出題の多い基本器具番号
 基本器具番号は、数字で電気工事で使用する器具の名称を示したものである。たとえば、27だと『交流不足電圧継電器』であることを表す。ただの数字なので、基本的な器具については覚えていないと何が何だかさっぱり分からないことになる。
 試験では結構出題があるし、知らないと全く見当がつかないので、良く出題される基本器具番号を示しておこう。
27→交流不足電圧継電器
42→運転遮断器、スイッチ又は接触器
51→交流過電流継電器又は地絡過電流継電器
52→交流遮断器又は接触器
55→自動力率調整器又は力率継電器
67→交流電力方向継電器又は地絡方向継電器
80→直流不足電圧継電器
(17.2.26)



水と電気の関係
 電気というものは、見えないものだし、下手にさわるとビリッと来るものなので、何だか分かりにくいものだというイメージがあるようである。
 でも、水の流れにたとえると非常に分かりやすくなるので、ご紹介しよう。
 まず、電流というものは川の水と同じようなものだという具合に考えよう。
 川の水が流れるためには、水の落差が必要だ。
 この水の落差(水位差)のことを、電気の世界では電位差=電圧と言っていると考えよう。
 電位差がないと、電流というものは流れないものだ。
 また、川の水が流れるには、水を流すための通路(水路)が必要だ。
 水路は、つるつるしたものだと水が流れやすいが、ざらざらして凹凸が激しいと流れにくい。
 この水路の凸凹の具合のことを、電流の世界では「抵抗」という。
 水の落差が大きいほど川の水の流れは増え、水路の凹凸が激しいほど、水の流れは減る。
 これを電流(水の流れ)は電圧(水の落差)に比例し、抵抗(水路のでこぼこ)に反比例すると言うことができる。
 このことを公式で表したものが「オームの法則」というわけだ。
 なお、複数の川の水をどこか一点で交わらせると、どこからか水が流れ込んできた分だけ、どこかに水が流れ出ていく。
 これを表した法則が、キルヒホッフの第1法則(接点方程式)である。
 (回路中の任意の接続点では、流入する電流の総和と流出する電流の総和は等しい。
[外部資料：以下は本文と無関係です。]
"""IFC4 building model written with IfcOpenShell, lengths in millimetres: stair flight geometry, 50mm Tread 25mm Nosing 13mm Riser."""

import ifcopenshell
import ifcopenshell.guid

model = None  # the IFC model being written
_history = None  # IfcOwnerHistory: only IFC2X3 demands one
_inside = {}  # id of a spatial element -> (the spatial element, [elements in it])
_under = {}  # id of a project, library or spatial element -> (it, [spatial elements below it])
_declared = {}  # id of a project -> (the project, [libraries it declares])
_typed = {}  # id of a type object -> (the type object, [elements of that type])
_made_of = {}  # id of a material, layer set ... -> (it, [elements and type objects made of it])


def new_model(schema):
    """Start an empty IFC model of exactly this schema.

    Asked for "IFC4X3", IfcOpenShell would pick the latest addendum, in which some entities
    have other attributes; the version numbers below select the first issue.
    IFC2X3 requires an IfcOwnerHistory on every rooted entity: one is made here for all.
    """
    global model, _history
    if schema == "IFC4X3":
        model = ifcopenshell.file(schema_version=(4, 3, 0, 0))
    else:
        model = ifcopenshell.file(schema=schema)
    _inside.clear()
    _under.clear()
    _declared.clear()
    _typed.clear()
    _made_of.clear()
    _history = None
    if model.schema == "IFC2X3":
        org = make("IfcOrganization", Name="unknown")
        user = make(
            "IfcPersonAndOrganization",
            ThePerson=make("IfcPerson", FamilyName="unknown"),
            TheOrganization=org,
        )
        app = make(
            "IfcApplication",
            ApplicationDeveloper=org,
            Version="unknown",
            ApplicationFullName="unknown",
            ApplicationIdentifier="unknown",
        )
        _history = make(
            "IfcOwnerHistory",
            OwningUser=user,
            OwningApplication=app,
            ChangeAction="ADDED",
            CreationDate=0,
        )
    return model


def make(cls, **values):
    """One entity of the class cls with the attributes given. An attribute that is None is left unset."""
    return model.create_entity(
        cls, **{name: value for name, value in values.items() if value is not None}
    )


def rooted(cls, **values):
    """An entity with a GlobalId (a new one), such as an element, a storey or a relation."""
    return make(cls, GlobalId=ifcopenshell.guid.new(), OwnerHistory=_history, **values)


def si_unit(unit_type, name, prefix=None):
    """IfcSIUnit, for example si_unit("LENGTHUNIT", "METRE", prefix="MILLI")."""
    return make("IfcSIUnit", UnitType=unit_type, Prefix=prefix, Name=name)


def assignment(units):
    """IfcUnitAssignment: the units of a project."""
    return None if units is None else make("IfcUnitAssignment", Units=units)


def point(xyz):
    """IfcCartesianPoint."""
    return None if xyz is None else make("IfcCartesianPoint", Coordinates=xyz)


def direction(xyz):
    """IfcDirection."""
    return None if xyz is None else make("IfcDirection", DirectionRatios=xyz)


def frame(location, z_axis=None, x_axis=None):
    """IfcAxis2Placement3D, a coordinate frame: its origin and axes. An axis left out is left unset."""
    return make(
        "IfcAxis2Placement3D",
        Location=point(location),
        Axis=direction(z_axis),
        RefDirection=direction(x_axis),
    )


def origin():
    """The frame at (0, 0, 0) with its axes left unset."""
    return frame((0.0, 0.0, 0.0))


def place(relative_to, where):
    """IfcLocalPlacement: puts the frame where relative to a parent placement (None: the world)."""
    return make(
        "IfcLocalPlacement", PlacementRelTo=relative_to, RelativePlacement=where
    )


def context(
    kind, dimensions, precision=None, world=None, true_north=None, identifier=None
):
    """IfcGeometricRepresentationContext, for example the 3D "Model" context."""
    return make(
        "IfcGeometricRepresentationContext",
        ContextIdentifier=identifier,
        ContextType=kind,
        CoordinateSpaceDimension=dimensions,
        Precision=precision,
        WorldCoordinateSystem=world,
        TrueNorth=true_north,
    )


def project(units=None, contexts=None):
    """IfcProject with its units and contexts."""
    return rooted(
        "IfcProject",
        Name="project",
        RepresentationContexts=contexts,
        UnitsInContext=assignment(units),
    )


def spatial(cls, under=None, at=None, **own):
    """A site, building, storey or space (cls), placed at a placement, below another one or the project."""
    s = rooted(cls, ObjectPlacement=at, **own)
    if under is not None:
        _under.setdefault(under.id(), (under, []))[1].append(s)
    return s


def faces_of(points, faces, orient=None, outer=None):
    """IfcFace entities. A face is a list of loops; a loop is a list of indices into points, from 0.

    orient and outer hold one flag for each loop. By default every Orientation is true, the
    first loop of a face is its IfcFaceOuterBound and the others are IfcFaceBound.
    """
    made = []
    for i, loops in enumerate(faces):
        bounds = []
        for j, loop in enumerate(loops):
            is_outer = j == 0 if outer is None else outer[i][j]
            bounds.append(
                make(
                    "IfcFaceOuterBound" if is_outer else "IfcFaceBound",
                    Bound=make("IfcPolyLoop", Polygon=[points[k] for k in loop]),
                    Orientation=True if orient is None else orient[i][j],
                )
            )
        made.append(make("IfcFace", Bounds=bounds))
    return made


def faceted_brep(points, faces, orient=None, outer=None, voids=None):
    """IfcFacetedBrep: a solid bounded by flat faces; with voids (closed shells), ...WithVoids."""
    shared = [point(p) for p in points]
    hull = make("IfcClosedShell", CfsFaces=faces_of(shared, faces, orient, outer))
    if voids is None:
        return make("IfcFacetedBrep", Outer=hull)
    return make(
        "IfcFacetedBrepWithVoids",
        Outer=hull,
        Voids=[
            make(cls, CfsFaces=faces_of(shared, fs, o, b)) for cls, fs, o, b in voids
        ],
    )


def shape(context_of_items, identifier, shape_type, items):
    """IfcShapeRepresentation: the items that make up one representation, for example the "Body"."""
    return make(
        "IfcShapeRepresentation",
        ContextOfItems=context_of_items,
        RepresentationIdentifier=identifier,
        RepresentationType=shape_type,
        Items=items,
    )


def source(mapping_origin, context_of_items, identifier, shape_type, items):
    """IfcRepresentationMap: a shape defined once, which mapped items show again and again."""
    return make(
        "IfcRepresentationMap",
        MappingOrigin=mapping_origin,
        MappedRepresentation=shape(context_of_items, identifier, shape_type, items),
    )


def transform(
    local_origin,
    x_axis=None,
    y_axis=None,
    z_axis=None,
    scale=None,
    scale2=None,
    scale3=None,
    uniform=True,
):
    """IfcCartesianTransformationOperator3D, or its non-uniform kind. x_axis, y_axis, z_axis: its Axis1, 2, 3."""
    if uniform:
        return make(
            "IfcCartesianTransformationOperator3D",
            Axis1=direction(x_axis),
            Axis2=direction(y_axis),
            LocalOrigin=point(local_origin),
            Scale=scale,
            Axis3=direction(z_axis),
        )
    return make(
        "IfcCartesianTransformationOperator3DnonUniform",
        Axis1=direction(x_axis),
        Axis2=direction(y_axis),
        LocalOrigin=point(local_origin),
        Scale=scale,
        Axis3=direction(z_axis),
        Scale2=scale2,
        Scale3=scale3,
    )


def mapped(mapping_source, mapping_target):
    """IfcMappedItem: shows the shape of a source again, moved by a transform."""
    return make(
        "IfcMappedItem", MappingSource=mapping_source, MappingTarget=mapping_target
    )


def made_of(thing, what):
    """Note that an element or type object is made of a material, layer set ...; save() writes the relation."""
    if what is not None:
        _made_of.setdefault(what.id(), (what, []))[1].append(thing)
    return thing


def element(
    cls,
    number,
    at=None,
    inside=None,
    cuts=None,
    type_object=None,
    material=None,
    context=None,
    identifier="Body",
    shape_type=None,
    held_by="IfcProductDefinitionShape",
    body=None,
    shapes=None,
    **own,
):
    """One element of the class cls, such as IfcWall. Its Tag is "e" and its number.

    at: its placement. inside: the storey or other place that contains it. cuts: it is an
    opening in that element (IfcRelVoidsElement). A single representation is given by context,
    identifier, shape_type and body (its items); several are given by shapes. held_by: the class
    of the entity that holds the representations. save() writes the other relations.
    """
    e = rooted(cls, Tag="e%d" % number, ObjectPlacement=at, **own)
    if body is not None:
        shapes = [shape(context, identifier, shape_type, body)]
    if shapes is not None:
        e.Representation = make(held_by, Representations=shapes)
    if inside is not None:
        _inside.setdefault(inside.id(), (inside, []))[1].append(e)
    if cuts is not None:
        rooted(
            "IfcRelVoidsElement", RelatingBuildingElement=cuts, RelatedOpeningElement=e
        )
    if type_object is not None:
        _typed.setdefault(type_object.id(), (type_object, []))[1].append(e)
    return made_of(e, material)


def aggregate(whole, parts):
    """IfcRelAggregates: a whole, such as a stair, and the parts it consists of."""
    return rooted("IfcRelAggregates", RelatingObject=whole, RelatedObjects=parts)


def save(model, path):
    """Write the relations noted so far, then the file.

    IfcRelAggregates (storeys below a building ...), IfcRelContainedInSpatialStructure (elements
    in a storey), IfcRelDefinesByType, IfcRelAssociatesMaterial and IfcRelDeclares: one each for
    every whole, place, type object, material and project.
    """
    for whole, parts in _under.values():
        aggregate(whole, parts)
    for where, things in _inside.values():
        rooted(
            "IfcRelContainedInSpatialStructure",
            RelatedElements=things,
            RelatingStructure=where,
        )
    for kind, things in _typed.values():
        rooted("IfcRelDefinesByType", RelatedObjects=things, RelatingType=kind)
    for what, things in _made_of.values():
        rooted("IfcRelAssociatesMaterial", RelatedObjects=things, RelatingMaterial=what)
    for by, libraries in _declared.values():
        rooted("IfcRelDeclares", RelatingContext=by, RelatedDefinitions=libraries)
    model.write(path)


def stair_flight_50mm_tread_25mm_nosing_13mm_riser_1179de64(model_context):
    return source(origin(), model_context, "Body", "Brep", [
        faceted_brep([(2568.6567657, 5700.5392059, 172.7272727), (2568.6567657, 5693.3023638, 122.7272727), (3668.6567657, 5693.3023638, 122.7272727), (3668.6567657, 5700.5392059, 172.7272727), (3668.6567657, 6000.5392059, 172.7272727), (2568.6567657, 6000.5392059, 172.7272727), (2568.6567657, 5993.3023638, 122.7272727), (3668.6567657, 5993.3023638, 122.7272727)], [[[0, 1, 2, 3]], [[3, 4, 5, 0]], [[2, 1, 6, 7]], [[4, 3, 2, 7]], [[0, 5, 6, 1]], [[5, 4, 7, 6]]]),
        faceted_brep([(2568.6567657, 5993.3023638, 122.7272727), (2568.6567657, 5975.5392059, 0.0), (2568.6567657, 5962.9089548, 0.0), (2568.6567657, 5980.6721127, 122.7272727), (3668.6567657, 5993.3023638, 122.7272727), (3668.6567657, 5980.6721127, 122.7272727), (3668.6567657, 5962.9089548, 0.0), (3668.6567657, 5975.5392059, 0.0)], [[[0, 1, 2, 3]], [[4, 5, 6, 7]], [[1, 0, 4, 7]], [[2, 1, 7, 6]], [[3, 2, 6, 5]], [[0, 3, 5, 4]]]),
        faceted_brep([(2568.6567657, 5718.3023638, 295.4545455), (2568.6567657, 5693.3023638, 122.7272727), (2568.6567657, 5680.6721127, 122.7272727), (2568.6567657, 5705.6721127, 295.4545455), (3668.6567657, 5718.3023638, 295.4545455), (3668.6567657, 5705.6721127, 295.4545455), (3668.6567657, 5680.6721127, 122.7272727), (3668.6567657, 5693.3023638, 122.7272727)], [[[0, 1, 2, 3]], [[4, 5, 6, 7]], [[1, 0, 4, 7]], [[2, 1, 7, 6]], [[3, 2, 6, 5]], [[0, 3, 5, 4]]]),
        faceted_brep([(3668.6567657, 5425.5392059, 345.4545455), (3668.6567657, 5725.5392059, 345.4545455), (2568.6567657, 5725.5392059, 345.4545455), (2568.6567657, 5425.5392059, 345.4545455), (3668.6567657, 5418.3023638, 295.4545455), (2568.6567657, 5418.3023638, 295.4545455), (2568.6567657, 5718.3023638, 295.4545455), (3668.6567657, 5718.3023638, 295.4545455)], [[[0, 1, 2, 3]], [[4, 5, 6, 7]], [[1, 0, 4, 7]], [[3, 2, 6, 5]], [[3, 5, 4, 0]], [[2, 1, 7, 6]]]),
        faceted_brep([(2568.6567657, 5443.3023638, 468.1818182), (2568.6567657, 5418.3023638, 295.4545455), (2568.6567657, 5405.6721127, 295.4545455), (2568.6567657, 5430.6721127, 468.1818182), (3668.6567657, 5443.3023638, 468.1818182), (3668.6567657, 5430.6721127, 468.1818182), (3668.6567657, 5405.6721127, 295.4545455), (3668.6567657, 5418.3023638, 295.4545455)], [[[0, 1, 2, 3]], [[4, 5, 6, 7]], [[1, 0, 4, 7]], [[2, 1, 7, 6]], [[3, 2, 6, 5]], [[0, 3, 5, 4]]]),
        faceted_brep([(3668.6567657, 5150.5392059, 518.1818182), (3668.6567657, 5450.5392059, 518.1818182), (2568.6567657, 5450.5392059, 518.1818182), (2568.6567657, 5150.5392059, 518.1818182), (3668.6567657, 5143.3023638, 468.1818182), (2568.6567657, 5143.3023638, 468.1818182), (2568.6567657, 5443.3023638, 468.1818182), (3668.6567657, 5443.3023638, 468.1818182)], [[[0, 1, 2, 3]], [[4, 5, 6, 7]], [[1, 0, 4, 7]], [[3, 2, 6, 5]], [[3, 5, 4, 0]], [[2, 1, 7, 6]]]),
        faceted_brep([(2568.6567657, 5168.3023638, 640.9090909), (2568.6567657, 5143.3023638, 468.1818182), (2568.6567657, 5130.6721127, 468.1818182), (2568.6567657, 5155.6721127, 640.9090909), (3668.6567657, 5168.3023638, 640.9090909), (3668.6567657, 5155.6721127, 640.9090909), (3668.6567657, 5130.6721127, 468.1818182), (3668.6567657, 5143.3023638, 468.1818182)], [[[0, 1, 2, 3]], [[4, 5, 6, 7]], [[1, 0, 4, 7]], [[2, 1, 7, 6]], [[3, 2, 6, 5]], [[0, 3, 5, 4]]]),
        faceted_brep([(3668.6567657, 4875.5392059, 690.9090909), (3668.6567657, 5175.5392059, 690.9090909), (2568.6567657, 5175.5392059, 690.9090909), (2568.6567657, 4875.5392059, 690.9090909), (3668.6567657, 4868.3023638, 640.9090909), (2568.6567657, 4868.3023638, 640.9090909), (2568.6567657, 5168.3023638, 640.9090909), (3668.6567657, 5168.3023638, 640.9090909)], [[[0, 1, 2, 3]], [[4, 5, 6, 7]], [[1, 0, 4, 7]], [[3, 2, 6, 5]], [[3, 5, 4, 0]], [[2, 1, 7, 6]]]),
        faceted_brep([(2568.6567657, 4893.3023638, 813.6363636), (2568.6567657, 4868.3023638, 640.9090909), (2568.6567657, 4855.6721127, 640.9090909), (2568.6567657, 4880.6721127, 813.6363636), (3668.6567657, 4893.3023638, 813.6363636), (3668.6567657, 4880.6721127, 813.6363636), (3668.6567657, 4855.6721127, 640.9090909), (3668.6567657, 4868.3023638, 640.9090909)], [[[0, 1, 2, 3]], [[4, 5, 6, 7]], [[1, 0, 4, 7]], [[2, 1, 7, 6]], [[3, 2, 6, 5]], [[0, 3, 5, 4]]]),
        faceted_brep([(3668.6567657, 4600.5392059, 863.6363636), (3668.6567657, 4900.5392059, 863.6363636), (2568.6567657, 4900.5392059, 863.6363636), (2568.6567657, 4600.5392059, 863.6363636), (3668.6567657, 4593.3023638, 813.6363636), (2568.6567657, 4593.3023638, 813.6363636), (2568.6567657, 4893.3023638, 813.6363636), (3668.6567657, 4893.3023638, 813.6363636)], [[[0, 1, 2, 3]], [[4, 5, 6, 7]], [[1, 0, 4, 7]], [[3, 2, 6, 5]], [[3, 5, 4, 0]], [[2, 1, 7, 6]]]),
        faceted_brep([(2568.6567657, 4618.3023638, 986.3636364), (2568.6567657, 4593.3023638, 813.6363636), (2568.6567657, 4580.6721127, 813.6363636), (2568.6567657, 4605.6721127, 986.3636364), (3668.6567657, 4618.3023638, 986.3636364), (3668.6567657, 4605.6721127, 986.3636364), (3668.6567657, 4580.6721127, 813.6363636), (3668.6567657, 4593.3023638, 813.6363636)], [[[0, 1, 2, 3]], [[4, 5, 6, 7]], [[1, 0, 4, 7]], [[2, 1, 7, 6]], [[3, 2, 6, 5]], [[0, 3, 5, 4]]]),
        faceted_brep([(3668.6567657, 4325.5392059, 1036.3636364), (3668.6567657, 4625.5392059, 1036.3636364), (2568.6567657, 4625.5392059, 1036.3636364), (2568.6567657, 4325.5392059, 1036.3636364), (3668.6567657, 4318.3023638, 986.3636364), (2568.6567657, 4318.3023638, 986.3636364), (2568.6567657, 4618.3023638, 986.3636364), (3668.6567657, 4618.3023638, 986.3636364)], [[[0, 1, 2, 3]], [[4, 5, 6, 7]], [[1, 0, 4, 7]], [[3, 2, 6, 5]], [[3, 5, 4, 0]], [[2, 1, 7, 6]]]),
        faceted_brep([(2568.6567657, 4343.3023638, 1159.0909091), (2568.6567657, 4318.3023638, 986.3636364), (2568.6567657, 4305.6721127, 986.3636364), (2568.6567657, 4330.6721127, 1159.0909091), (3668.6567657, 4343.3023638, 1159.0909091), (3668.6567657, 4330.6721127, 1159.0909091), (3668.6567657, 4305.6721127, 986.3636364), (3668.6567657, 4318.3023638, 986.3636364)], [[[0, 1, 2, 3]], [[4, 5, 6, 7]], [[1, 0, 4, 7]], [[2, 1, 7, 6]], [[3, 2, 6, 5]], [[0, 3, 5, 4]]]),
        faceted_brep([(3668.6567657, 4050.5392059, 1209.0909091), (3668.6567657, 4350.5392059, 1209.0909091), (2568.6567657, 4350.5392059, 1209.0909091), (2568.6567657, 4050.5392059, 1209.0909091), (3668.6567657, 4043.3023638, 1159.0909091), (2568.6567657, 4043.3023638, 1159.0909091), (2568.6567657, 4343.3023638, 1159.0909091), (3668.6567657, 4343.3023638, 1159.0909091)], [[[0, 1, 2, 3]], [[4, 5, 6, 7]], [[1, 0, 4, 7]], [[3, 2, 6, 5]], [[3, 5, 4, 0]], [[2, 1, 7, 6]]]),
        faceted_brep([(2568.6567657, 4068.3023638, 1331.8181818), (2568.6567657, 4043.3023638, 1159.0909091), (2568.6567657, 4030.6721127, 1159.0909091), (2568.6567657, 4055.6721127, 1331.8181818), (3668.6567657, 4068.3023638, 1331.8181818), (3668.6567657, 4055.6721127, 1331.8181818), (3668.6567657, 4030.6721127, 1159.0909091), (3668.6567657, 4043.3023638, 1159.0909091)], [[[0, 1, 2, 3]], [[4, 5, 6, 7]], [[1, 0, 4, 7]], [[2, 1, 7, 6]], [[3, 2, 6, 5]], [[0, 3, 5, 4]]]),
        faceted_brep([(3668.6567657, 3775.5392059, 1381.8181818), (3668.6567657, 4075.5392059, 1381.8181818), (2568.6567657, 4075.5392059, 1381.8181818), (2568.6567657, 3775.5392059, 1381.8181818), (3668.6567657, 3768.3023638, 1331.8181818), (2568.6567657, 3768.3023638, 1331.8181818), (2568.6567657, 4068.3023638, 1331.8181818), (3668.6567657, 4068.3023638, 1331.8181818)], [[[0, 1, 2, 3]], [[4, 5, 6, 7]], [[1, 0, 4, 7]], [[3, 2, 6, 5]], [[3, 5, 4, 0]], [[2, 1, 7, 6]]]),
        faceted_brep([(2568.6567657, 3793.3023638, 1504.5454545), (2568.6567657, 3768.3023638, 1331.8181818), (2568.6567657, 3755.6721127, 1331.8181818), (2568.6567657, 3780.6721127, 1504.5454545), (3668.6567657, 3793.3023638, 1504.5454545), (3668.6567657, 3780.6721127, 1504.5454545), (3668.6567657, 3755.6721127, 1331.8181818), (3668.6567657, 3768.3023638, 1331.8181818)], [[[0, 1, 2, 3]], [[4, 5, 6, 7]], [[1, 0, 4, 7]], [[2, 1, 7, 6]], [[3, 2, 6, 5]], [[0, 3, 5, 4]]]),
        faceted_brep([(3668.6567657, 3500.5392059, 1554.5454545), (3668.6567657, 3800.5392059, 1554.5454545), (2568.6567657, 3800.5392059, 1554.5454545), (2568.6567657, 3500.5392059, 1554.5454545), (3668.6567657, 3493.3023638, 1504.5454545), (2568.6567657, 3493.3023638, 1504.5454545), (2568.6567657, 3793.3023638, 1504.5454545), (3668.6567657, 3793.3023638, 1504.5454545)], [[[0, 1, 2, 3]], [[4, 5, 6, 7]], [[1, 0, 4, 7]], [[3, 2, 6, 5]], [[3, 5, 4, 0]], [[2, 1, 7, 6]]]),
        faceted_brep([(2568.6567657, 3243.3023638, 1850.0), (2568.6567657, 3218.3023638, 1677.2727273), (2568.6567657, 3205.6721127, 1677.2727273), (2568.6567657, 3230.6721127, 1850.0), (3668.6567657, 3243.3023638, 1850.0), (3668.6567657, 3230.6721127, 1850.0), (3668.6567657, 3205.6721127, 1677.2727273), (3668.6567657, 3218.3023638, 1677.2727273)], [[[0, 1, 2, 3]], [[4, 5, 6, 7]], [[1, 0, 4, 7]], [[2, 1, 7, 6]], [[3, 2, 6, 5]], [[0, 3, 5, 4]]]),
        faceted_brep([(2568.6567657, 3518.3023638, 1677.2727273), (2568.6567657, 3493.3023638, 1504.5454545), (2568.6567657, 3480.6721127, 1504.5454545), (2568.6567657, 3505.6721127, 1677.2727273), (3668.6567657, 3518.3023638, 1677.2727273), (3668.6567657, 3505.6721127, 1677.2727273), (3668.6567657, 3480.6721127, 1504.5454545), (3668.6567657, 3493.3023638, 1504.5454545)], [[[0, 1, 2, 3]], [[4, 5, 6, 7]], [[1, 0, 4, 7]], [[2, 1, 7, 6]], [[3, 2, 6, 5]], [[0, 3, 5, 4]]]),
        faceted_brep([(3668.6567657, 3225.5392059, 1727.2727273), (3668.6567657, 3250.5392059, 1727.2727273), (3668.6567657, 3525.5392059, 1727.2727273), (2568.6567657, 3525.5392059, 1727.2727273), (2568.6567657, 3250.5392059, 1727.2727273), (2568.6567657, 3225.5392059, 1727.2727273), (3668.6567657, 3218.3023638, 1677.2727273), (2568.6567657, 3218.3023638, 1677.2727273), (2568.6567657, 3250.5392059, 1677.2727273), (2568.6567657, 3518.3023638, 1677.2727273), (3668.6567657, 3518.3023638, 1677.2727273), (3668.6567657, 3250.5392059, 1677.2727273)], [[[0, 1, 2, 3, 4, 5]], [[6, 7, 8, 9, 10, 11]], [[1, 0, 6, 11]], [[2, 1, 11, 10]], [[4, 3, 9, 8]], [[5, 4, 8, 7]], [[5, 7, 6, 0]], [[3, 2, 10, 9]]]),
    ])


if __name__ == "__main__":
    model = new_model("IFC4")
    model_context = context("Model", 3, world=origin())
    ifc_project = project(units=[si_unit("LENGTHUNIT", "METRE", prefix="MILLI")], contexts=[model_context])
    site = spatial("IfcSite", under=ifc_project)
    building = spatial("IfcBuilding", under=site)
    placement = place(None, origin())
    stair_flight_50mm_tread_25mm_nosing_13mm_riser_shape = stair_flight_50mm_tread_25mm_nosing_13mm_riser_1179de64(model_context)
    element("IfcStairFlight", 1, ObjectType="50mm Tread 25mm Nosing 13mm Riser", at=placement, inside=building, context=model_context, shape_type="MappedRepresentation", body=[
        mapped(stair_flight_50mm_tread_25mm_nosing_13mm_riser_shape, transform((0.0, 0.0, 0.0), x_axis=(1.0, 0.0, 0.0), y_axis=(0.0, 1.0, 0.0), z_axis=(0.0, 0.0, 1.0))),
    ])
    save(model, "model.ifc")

)
 また、川の水をどこかで最初の川につなぐと、最初に水の落差があっても、つないだ部分で水の落差がなくなってしまう。
 これがキルヒホッフの第2法則(閉路方程式)である。
 (閉回路では、起電力の総和と電圧降下の総和とは互いに等しい。)




電気と磁気は地球の自転と同じ話
 電気工事施工管理技士では、電磁誘導障害に関する問題が結構出題される。
 電気の世界では非常に根本的な話なのだが、電流が流れるということは、同時に磁気が発生しているということを意味している。
 では何故、電流が流れると磁気が一緒に発生するのであろうか??
 結構、これは知られていないのではないかと思う。
 電流というのは、マイナスの電荷を持った電子が−から+へ移動することをいう。
 これはほとんどの方が知っていると思う。
 そして電子というものは、地球が自転しているように自ら回転しているのである。
 この時、もしも電子が回転していなかったとしたら、磁気は発生しないらしい。
 電子が回転することによって、初めて磁気が生じるらしいのである。
 これは地球も同じであり、地球も帯電していて、自転することによって初めてS極、N極という極性が生じるらしいのである。
 さらに電子の回転方向によって、磁気の極性が決定されるらしい。
 であるから、最先端の電子工学の世界では、電子の回転方向を自由に変化させることが目下の最重要課題となっているようである。
 なぜかって?
 電子の極性を自由に変化させられれば、1と0の処理を電位差で行う(コンデンサで充電する)必要はなくなり、パソコンの性能を飛躍的にアップさせることができるからである。



再び電流と磁気の関係
 電気工学の最初のところでは、必ず電流と磁気の関係が出てくる。
 電気工事施工管理技士の試験でも、何らかの形で必ず電流と磁気の関係が出題される。
 しかし、問題の解説を読むと、この辺りのことをちゃんと説明していないというか、あいまいな説明が多いなぁと思うのは、私だけなのであろうか?
 そこで、非常に基本的なことなのだが、当たり前のことをまとめておこう。
 まず、電流であるが、ご存知のとおり、+から−に向かって流れていく。
 この+から−に電流が流れる時、流れる方向と直角に電線のまわりに同心円状に磁力線が発生する。
 磁力というものは、N極からS極に向かって磁力線が発生するというルールがある。
 これは非常に重要で、このことを説明しないばかりに、結果的に誤った説明をしてしまっている基本書というものを見たことがある(ヒドイものは、わざわざ絵でS極からN極へ磁力線を描いたものもあった)。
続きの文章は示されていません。